Rosanne saw oncologist Dr. Danny Rayson on September 5 at the QEII Health Sciences Centre in Halifax to receive results of a CT (computed tomography) Scan, more commonly known as a CAT Scan.
The CT Scan is a method of examining the body using X-rays. The scan allows a picture of the tissue to be developed. The technique enables a radiologist to detect tumours and other abnormalities.
Capital Health X-ray technologist Danielle Frail explains that different substances are used to enhance specific areas of the body. Administered orally and intravenously, gastrografin and IVP dye makes the GI (gastrointestinal) track and bloodstream more visible and less penetrable by X-rays.
"When you look at X-ray ... anything that is radiolucent [allows the passage of X-rays] is black and anything that has a density to it, goes from different shades of grey to white," she says, noting the administered substances translate into more detailed pictures.
After Ms Frail has taken the pictures of Rosanne's chest, abdomen and pelvis, they are sent to the radiologist to read and compare to previous scans. The most recent scan was on June 11.
"There has been at least a 30 per cent improvement in the diameter ... which is great," says Dr. Rayson, referring to the radiologist's report.
||Rosanne positions herself so the CT Scanner can ascertain whether chemotherapy is reducing her cancerous tumours. Paula Levy photo
According to the document, one of the tumours in her liver measures 1.5 cm x 2 cm when it previously measured 4 cm x 3.8 cm. Another tumour which previously measured 4 cm x 3.8 cm, measured 2.9 cm. x 2.8 cm. Also, metastases or tumours that have spread from their site of origin appear smaller and less like they're flowing together. The lung metastases appear unchanged.

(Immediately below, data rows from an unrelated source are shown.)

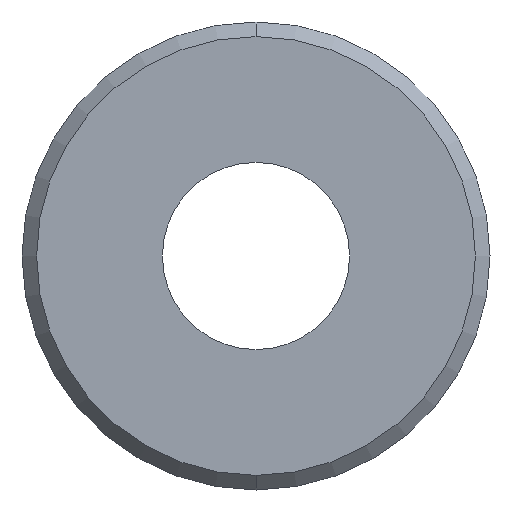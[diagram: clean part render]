
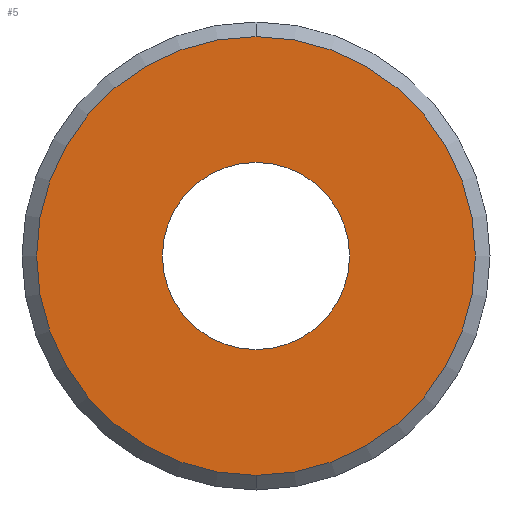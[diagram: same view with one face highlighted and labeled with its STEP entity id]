
A CAD part, front view. The second image highlights one B-rep face of the part: STEP entity #5.
In plain terms, the highlighted planar face has unit normal (0, -1, 0).
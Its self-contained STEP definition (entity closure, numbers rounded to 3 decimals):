
#3 = DIRECTION ( 'NONE',  ( 0., 0., 1. ) ) ;
#5 = ADVANCED_FACE ( 'NONE', ( #62, #393 ), #119, .F. ) ;
#14 = DIRECTION ( 'NONE',  ( 0., 1., 0. ) ) ;
#22 = DIRECTION ( 'NONE',  ( 0., 1., 0. ) ) ;
#29 = ORIENTED_EDGE ( 'NONE', *, *, #92, .T. ) ;
#38 = ORIENTED_EDGE ( 'NONE', *, *, #346, .T. ) ;
#43 = AXIS2_PLACEMENT_3D ( 'NONE', #171, #339, #3 ) ;
#44 = CIRCLE ( 'NONE', #382, 7.5 ) ;
#46 = CARTESIAN_POINT ( 'NONE',  ( 0., 0., 7.5 ) ) ;
#52 = CARTESIAN_POINT ( 'NONE',  ( 0., 0., 0. ) ) ;
#62 = FACE_OUTER_BOUND ( 'NONE', #122, .T. ) ;
#65 = CARTESIAN_POINT ( 'NONE',  ( 0., 0., -7.5 ) ) ;
#92 = EDGE_CURVE ( 'NONE', #322, #336, #133, .T. ) ;
#119 = PLANE ( 'NONE',  #43 ) ;
#120 = CARTESIAN_POINT ( 'NONE',  ( 0., 0., 0. ) ) ;
#122 = EDGE_LOOP ( 'NONE', ( #150, #379 ) ) ;
#132 = CIRCLE ( 'NONE', #162, 3.2 ) ;
#133 = CIRCLE ( 'NONE', #155, 3.2 ) ;
#150 = ORIENTED_EDGE ( 'NONE', *, *, #370, .F. ) ;
#154 = CARTESIAN_POINT ( 'NONE',  ( 0., 0., 0. ) ) ;
#155 = AXIS2_PLACEMENT_3D ( 'NONE', #120, #250, #282 ) ;
#162 = AXIS2_PLACEMENT_3D ( 'NONE', #52, #189, #183 ) ;
#164 = CARTESIAN_POINT ( 'NONE',  ( 0., 0., -3.2 ) ) ;
#171 = CARTESIAN_POINT ( 'NONE',  ( 3.2, 0., 0. ) ) ;
#183 = DIRECTION ( 'NONE',  ( 0., 0., 1. ) ) ;
#189 = DIRECTION ( 'NONE',  ( 0., 1., 0. ) ) ;
#190 = EDGE_CURVE ( 'NONE', #225, #281, #44, .T. ) ;
#198 = AXIS2_PLACEMENT_3D ( 'NONE', #261, #22, #326 ) ;
#225 = VERTEX_POINT ( 'NONE', #65 ) ;
#250 = DIRECTION ( 'NONE',  ( 0., 1., 0. ) ) ;
#260 = CARTESIAN_POINT ( 'NONE',  ( 0., 0., 3.2 ) ) ;
#261 = CARTESIAN_POINT ( 'NONE',  ( 0., 0., 0. ) ) ;
#276 = CIRCLE ( 'NONE', #198, 7.5 ) ;
#281 = VERTEX_POINT ( 'NONE', #46 ) ;
#282 = DIRECTION ( 'NONE',  ( 0., 0., 1. ) ) ;
#292 = EDGE_LOOP ( 'NONE', ( #38, #29 ) ) ;
#322 = VERTEX_POINT ( 'NONE', #164 ) ;
#326 = DIRECTION ( 'NONE',  ( 0., 0., 1. ) ) ;
#336 = VERTEX_POINT ( 'NONE', #260 ) ;
#339 = DIRECTION ( 'NONE',  ( 0., 1., 0. ) ) ;
#346 = EDGE_CURVE ( 'NONE', #336, #322, #132, .T. ) ;
#370 = EDGE_CURVE ( 'NONE', #281, #225, #276, .T. ) ;
#379 = ORIENTED_EDGE ( 'NONE', *, *, #190, .F. ) ;
#382 = AXIS2_PLACEMENT_3D ( 'NONE', #154, #14, #386 ) ;
#386 = DIRECTION ( 'NONE',  ( 0., 0., 1. ) ) ;
#393 = FACE_BOUND ( 'NONE', #292, .T. ) ;

"These cancerous cells go in cycles," says Dr. Rayson. He says there is no way of knowing how many cells are still active, how many are dead, how many are sleeping. But the CT Scan gives a global impression by determining how much the tumours have shrunk.
Rosanne's current goal is to see her tumours shrink to the size they were earlier this year. The chemotherapy treatment has now confirmed that the cancer is shrinking.
"We need to keep hitting them for a certain period of time to ensure you're actually getting the most bang for what you're doing," says Dr. Rayson. "Basically putting most of those cells into remission or in fact, killing them off."
Rosanne responds that she will keep receiving treatment as long as it is helping her achieve her goals.
"I will keep at it [chemotherapy] as long as I see that the chemo is working," says Rosanne.
Coming up on her two-year anniversary of diagnosis on September 25, the size of her tumours today is a far cry from the size they were then.
"It was a huge mass. At the time it was pulsing. It was just an unbelievable thing. Now it's a lot more subtle," says Dr. Rayson, examining Rosanne.
The news of the 30 per cent reduction has surpassed Rosanne's expectations of chemotherapy. She hoped that after her first two rounds of chemo, she would have at least a 20 per cent reduction in her tumours.
"I'm hopeful because I'm seeing more regression in the first two rounds," says Rosanne.
She is comparing the results of her recent scan to the reduction she experienced after the first two rounds in 2001. She hopes that in the third and fourth rounds the decrease percentage will be even higher. In 2001, the third and fourth rounds of chemotherapy resulted in a 50 per cent reduction in the size of her tumours.